Sometimes they work in teams and sometimes individually to design a room. My favorite is always the white wall challenge. They get three white walls, a white sofa, white coffee table, white end tables, a white lamp and a wood-look bookcase. This time they could only shop in a grocery store. Unbelievable what they did with those rooms. Carpeting made out of cheerios, chandeliers made out of orange slices.

It's Sunday night at 10pm on HGTV. I hope you'll watch it. I used to watch HGTV a lot more than I do now. Too many real estate shows, and not enough design and craft shows.


----------



## F1Wild (Jun 15, 2009)

I've liked Dan all along - but honestly, the 2 blonde girls are interchangable to me. Nathan was great the first week then petered out and his last week was pitiful! His enertasinment thing wasn't even that fab...which brings me to my next point.....

Will they find another David Bromstad, the original DS and Color Splash dude?? I doubt it.

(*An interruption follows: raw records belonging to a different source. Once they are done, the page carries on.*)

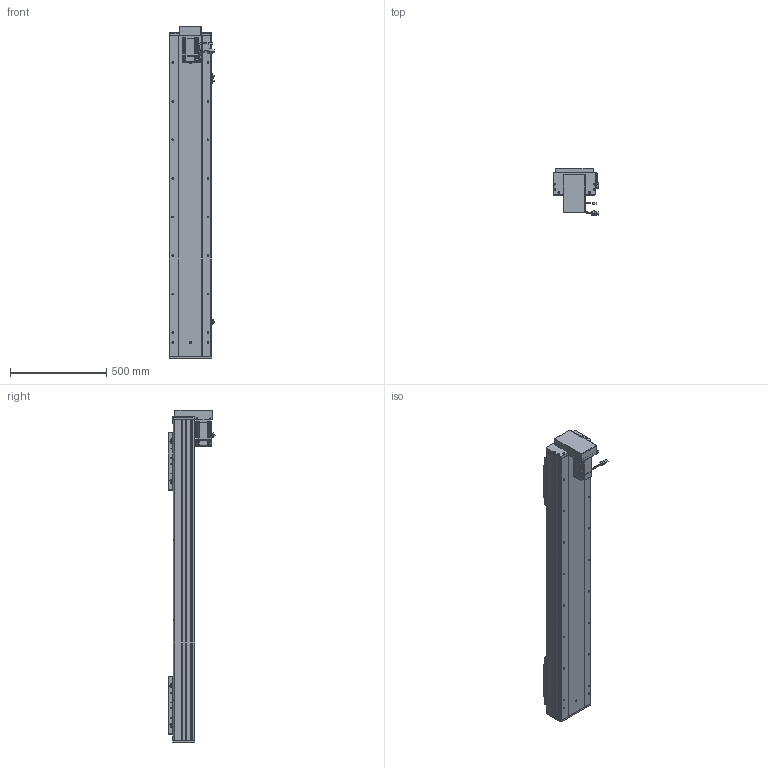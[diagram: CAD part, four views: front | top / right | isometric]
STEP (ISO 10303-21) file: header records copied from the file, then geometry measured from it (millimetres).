
FILE_DESCRIPTION (( 'STEP AP203' ), '1' );
FILE_NAME ('RY220F-L2525-300-BK.SLDASM_1250.step', '2022-07-04T01:21:04', ( '' ), ( '' ), 'SwSTEP 2.0', 'SolidWorks 2016', '' );
FILE_SCHEMA (( 'CONFIG_CONTROL_DESIGN' ));
Length unit declared in the file: millimetre
Products named in the file (15): RY220F綴裔啣; RY220F-祥凄詩湍-蛌殏-300_1250; RY220F-詩湍揤踡輸; RY220F-蛌殏奻裔啣-300_1250; 侐源滅袉蝶; 覜茼ん672; RY220F-672覜茼んえ; RY220狟殏萇儂欶; RY220F蛌殏菁釱-300_1250; RY220F-L2525-300-BK.SLDASM_1250; RY220F-滅鳥奻裔; 滅袉蝶18-24; RY220F臏賑釱25-32佪裝; RY220狟殏萇儂假蚾啣; 怢湛750W_ECMA-CX0807ES
Assembly tree (24 placements, depth 2):
  RY220F-L2525-300-BK.SLDASM_1250
    RY220F蛌殏菁釱-300_1250
    RY220F-蛌殏奻裔啣-300_1250  x2
    怢湛750W_ECMA-CX0807ES
    RY220F臏賑釱25-32佪裝  x2
    RY220F-滅鳥奻裔  x2
    滅袉蝶18-24  x3
    RY220F綴裔啣
    RY220F-祥凄詩湍-蛌殏-300_1250
    RY220F-詩湍揤踡輸  x2
    覜茼ん672  x3
    RY220F-672覜茼んえ  x2
    侐源滅袉蝶  x2
    RY220狟殏萇儂假蚾啣
    RY220狟殏萇儂欶
Bounding box: 237.27 x 247.24 x 1721 mm (x, y, z)
Volume: 16072259.1 mm3; surface area: 4171918 mm2
Topology: 25 solids, 25 shells, 2795 faces, 7594 edges, 4693 vertices
Faces by surface type: cylinder 1246, plane 1062, cone 416, bspline 45, sphere 16, torus 10
Entity records: 69373 total; most frequent: CARTESIAN_POINT 18775, ORIENTED_EDGE 10226, DIRECTION 9941, EDGE_CURVE 5113, AXIS2_PLACEMENT_3D 3526, VERTEX_POINT 3309, VECTOR 2889, LINE 2889

Kim Myles (season 2, Myles of Style) is more crafty project and the rooms look nicer than they started, but look like home-made projects, IMO. IMO (again) I think the surfer dude should have won - he was freakin' creative!! Last years winner, the blonde with pigtails - what happened to her? Never heard a thing about her since then.

I looked up last season's winner on Wiki. _Jennifer Bertrand is the host of Home & Garden Television's Paint-Over! with Jennifer Bertrand and the season three champion of HGTV Design Star. Paint-Over! with Jennifer Bertrand is an hour long show that showcases Jennifer's decorative painting and murals. _ anyone heard of that show?


----------



## Gertie Kindle (Nov 6, 2008)

F1Wild said:


> I've liked Dan all along - but honestly, the 2 blonde girls are interchangable to me.


Torie and Lonnie do look a lot alike, but I think Torie is more talented. Lonnie kind of fades into the background.

Dan was good in the kitchen challenge, but he really stood out with Nathan and Torie int he white wall challenge. Putting Dan, Torie and Antonio together this week, assured that team the win. I loved that Antonio stood up for "no beige" and told the judges so.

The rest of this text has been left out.